Oxford University Transit facing challenges amid growth
Oxford’s public transit system is growing, but with that growth comes challenges.
Between the months of June and August, the Oxford University Transit system had over 4,600 more riders than they did in the same period in 2018. A lot of that is due to OUT offering free rides during June and July, in hopes to get Oxford residents back on the buses.
With that growth, OUT has experienced some growing pains due to mechanical issues and a lack of buses to serve the demand of riders. In her report to Oxford’s Board of Aldermen during their Oct. 1 meeting, OUT general manager Donna Zampella outlined those issues.
“I feel that we’re growing,” Zampella said. “We do know that Oxford transit is a work in progress as well. We do know that there are problems we are trying to solve. One is the quality of our buses. A lot of them are old and way past their useful life.”
In the past month there have been seven OUT buses out of service due to mechanical failure. For example, one bus caught fire, but no injuries were reported. Due to these issues, routes have begun to run behind schedule and causing citizens and Ole Miss students to be late, Zampella said.
Five new buses are scheduled to arrive early next year, but those are only replacing the five buses that Zampella leased for the fall until the purchased buses arrive. By fall 2020, Zampella said she hopes to have a few more buses added to the fleet.
“In the past, they kind of did a little band-aid approach and we’d acquire buses from other organizations that were already past their useful life. So, we just took on their problems,” Zampella said. “This has just caused us to continue down the same path. …(The new buses are) just going to help make us a more reliable company, because right now I can’t say that we are reliable.”

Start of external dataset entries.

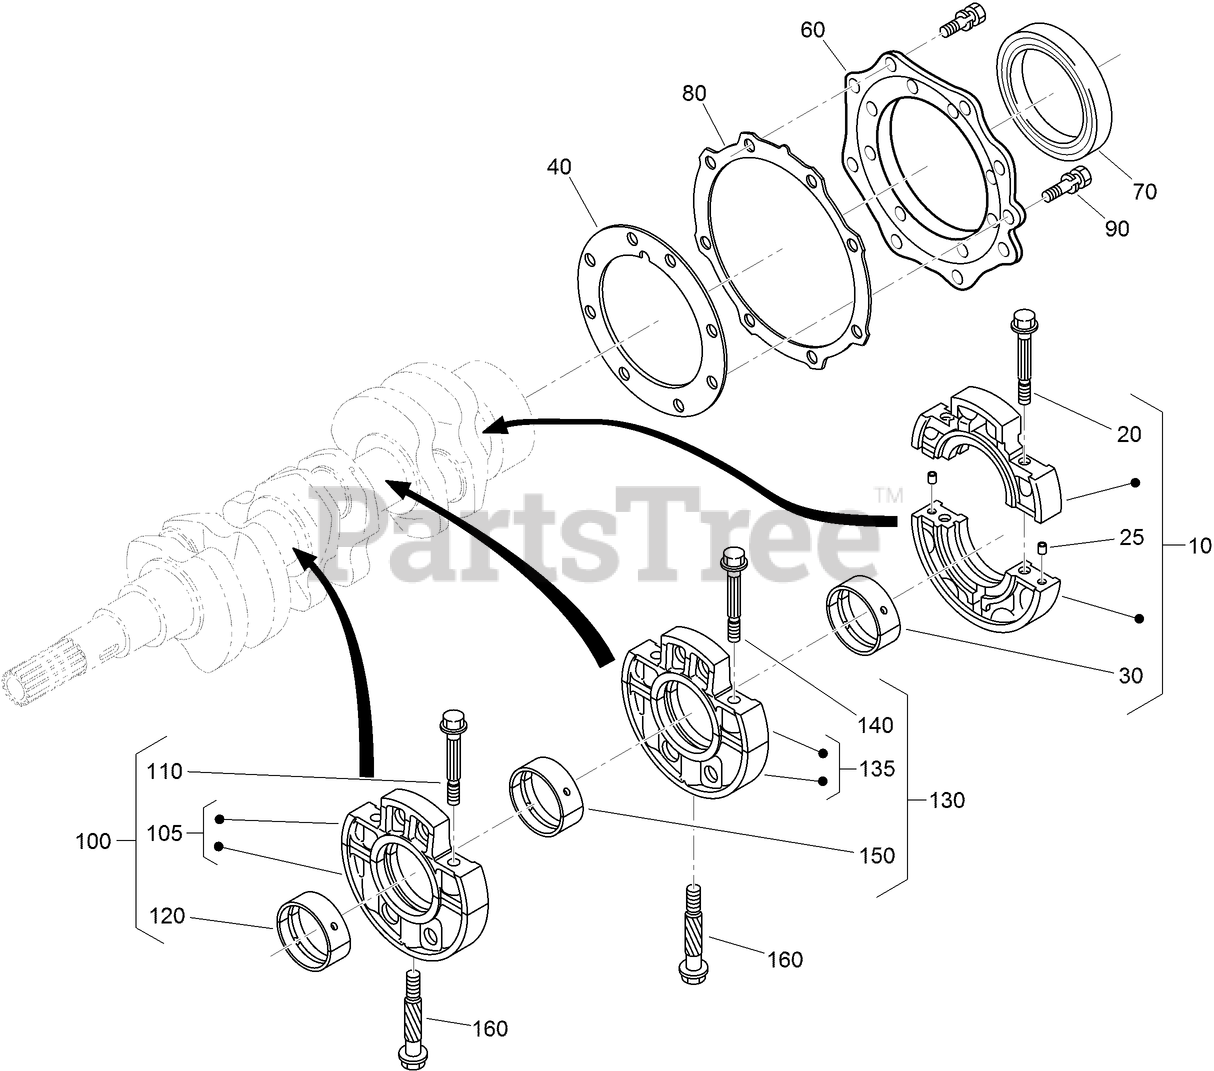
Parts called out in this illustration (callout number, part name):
10	WHEEL BEARING CASE ASM
20	BOLT-FLANGE
25	PIN-STRAIGHT
30	METAL-CRANKSHAFT
30	CRANKSHAFT-METAL (-0.2MM SET)
40	GASKET-CASE, BEARING
60	COVER-CASE, BEARING
70	SEAL-OIL
80	GASKET-COVER, CASE
100	BEARING CASE ASM
105	MAIN BEARING CASE ASM
110	BOLT-CASE, BEARING
120	METAL-CRANKSHAFT
130	BEARING CASE ASM
135	MAIN BEARING CASE ASM
140	BOLT-CASE, BEARING
150	METAL-CRANKSHAFT
160	BOLT-CASE, BEARING

Another issue Zampella said the transit department faces is communicating with Oxford residents about OUT and relaying route information to them in a timely and efficient manner.
To fix that, she has partnered with a group called Triangle Consulting, which has helped revamp OUT’s website. On the site is the Nextbus application, which tracks each bus and gives real-time updates on how far the bus is from its next stop. The website also features schedules and a virtual tour of Oxford called “Around Oxford.”

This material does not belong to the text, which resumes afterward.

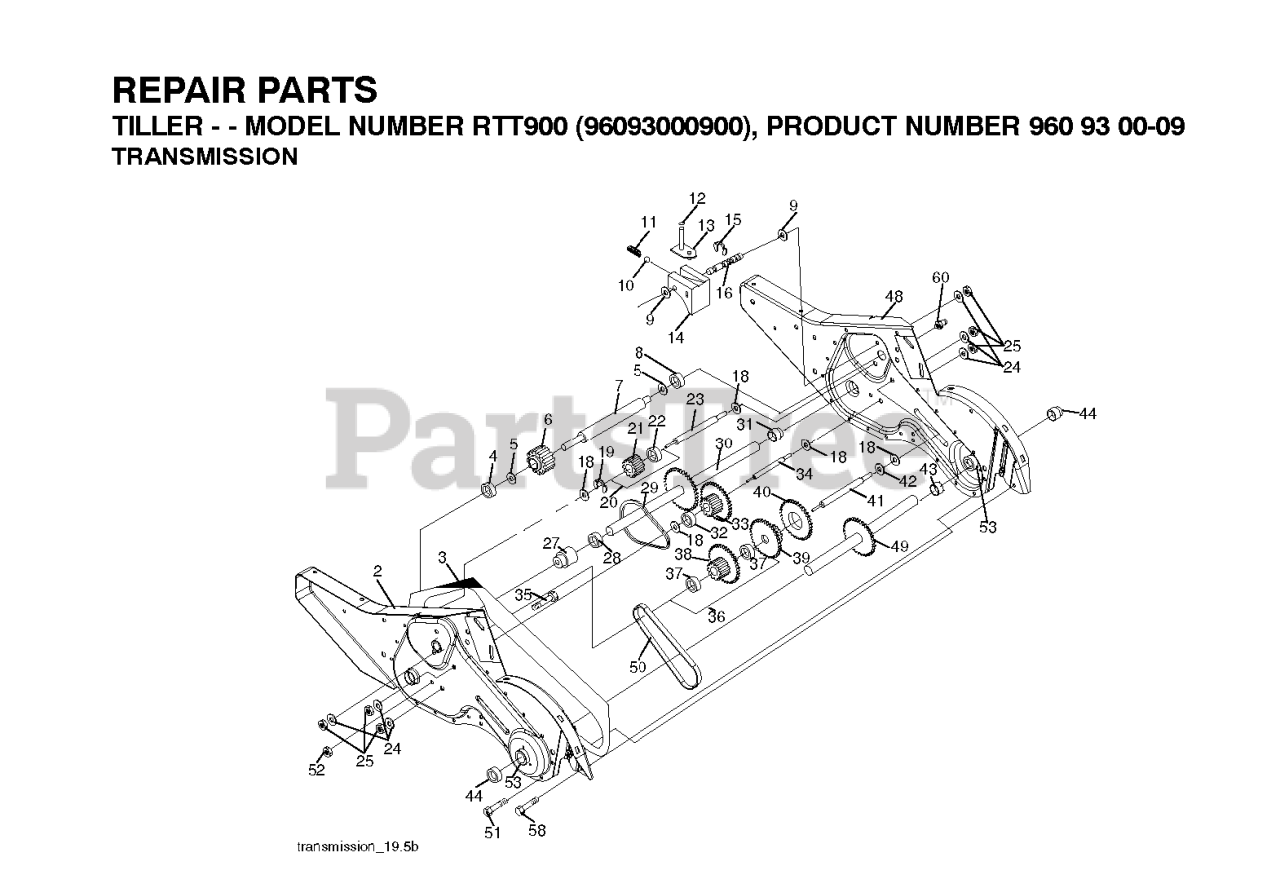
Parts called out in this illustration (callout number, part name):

Zampella noted that their GPS system, Nextbus, will see changes soonto help provide more accurate tracking data for each bus. The system could possibly be replaced by a new GPS program that Triangle Consulting is currently testing, she said.
“It’s going to be a pretty fun site,” Zampella said. “I think in the future, hopefully by this time next year, we’ll be able to fill a lot of the complaints we’ve had the past few months. They’ve been legitimate complaints. We’re not putting our head in the sand. We were facing them headstrong and trying to give to help and get through it.”
To visit the OUT website, go to OUTransit.com.